Our Lie-X approach is also examined on the tracking task using the mouse tracking dataset described beforehand. Compared with our single frame based pose estimation of Algorithm 1, it is of interest to examine on how much we can gain from our tracking algorithm of Algorithm 3, when temporal information is available. Empirically our mouse tracker is shown to produce an improved performance of 7.19 mm from the 8.42 mm results from our pose estimator on single frames. This can also be observed from the bottom row of Fig. 18 where visual comparisons are provides at several time frames. By exploiting temporal information, the results of our tracker are shown to produce less dramatic mistakes comparing to that of pose estimation. It is again evidenced quantitatively in Fig. 18, which presents a frame-by-frame average joint error comparison of tracking versus pose estimation on a test sequence. Clearly there exists a number of very noisy predictions of pose estimation. In comparison our tracking results are in general much less noisy. Overall, the tracking results outperforms post estimation with a noticeable gap of at least 1 mm. Note the tracking results in some frames are slightly inferior to that of the pose estimation counterpart, which we attribute to the utilization of the averaging operations in our tracker.

5.4 Action Recognition of Fish

To demonstrate the application of our approach on action recognition tasks, in what follows we conduct experiments on the aforementioned fish action dataset. In addition to the proposed tangent vector (i.e. Lie algebras) based feature representation, as comparison we also consider a joint based feature representation. Here the main body of the feature representation follows exactly as in the tangent vector representation, including e.g. the adoption of a temporal pyramid of \(\{4,2,1\}\), with the only change as follows: Instead of tangent vectors, the corresponding the 3D joint positions are employed. This finally leads to an 888-dim feature vector representation.

Figure 19 displays our fish dataset that contains nine unique action categories. The standard evaluation metric of average classification accuracy are considered in this context. Empirically the comparison method that utilizing joint position features achieves a performance of 79.19%, which is significantly outperformed by our approach based on tangent vector features with the average accuracy of 91.33%. Figure 20 provides further information of category-wise errors in the form of the confusion matrices.

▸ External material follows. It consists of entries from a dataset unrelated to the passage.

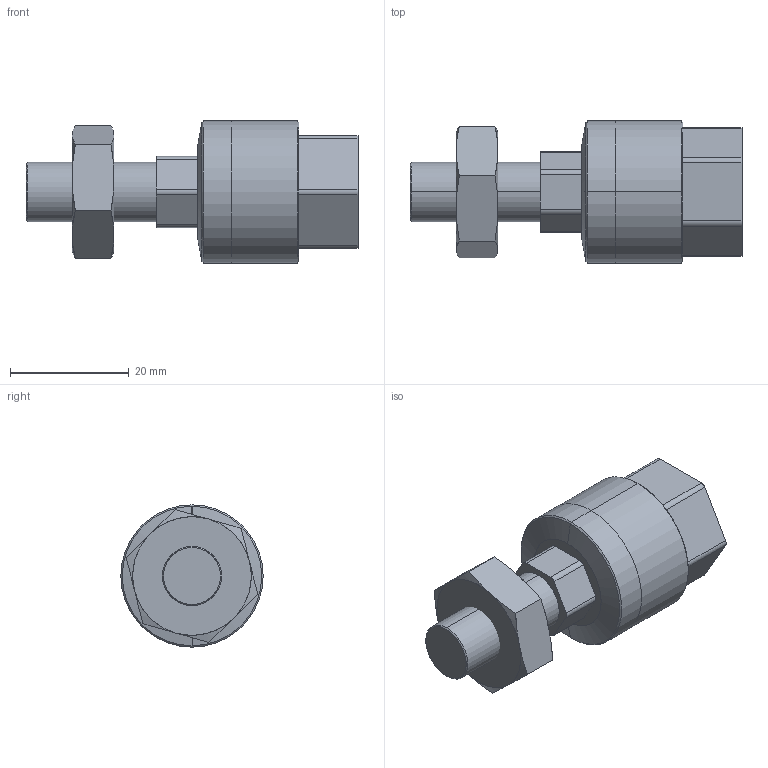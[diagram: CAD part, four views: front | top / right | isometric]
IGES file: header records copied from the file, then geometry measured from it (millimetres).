
Start section: SolidWorks IGES file using analytic representation for surfaces
Global section: file name: D:\MI\新增資料夾\FC\FCM10-1.25.IGS; native system: SolidWorks 2013; preprocessor: SolidWorks 2013; author: Sam Lin; date: 160323.114050; units: millimetre
Bounding box: 56 x 24 x 24 mm (x, y, z)
Surface area: 5373.8 mm2 (no closed solid volume)
Topology: 0 solids, 0 shells, 69 faces, 800 edges, 798 vertices
Faces by surface type: bspline 37, revolution 32
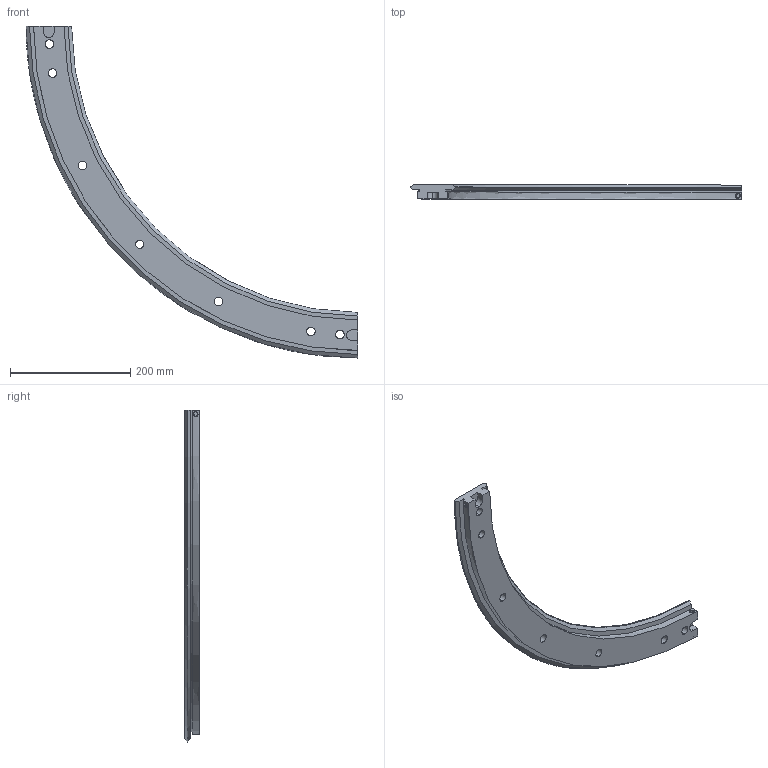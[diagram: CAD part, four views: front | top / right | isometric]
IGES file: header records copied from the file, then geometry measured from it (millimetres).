
Start section: 3D InterOp IGES (v. 2019 1.0.2), Spatial Corp. Copyright (c) 1999-2017.
Global section: file name: TR76 1033 R90.igs; native system: Spatial Corp.; preprocessor: 3D InterOp GENERIC/IGES 3.0; author: Noname; organization: Noname; date: 20220628.092404; units: millimetre
Bounding box: 551.8 x 24 x 551.8 mm (x, y, z)
Surface area: 174262.2 mm2 (no closed solid volume)
Topology: 0 solids, 0 shells, 103 faces, 516 edges, 516 vertices
Faces by surface type: extrusion 53, revolution 50

It is observed that the joint based method tends to confuse among the subset of actions of scoot, J-turn, c-turn, and r-turn, which are indeed more challenging to be separated due to their inherent similarities. Nonetheless, the performance on this subset is dramatically improved in our approach with tangent vector based features. We hypothesize that by following the natural tangent vector representation, our approach gains the discriminative power to separate these otherwise troublesome action categories.

6 Conclusion and Future Work

A unified Lie group approach is proposed for the related key problems of pose estimation, tracking, and action recognition of diverse articulated objects from depth images. Empirically our approach is evaluated on human hand, fish and mouse datasets with very competitive performance. For future work, we plan to work with more diverse articulated objects such as human full body and wild animals, as well as their interactions with other articulated objects and background objects.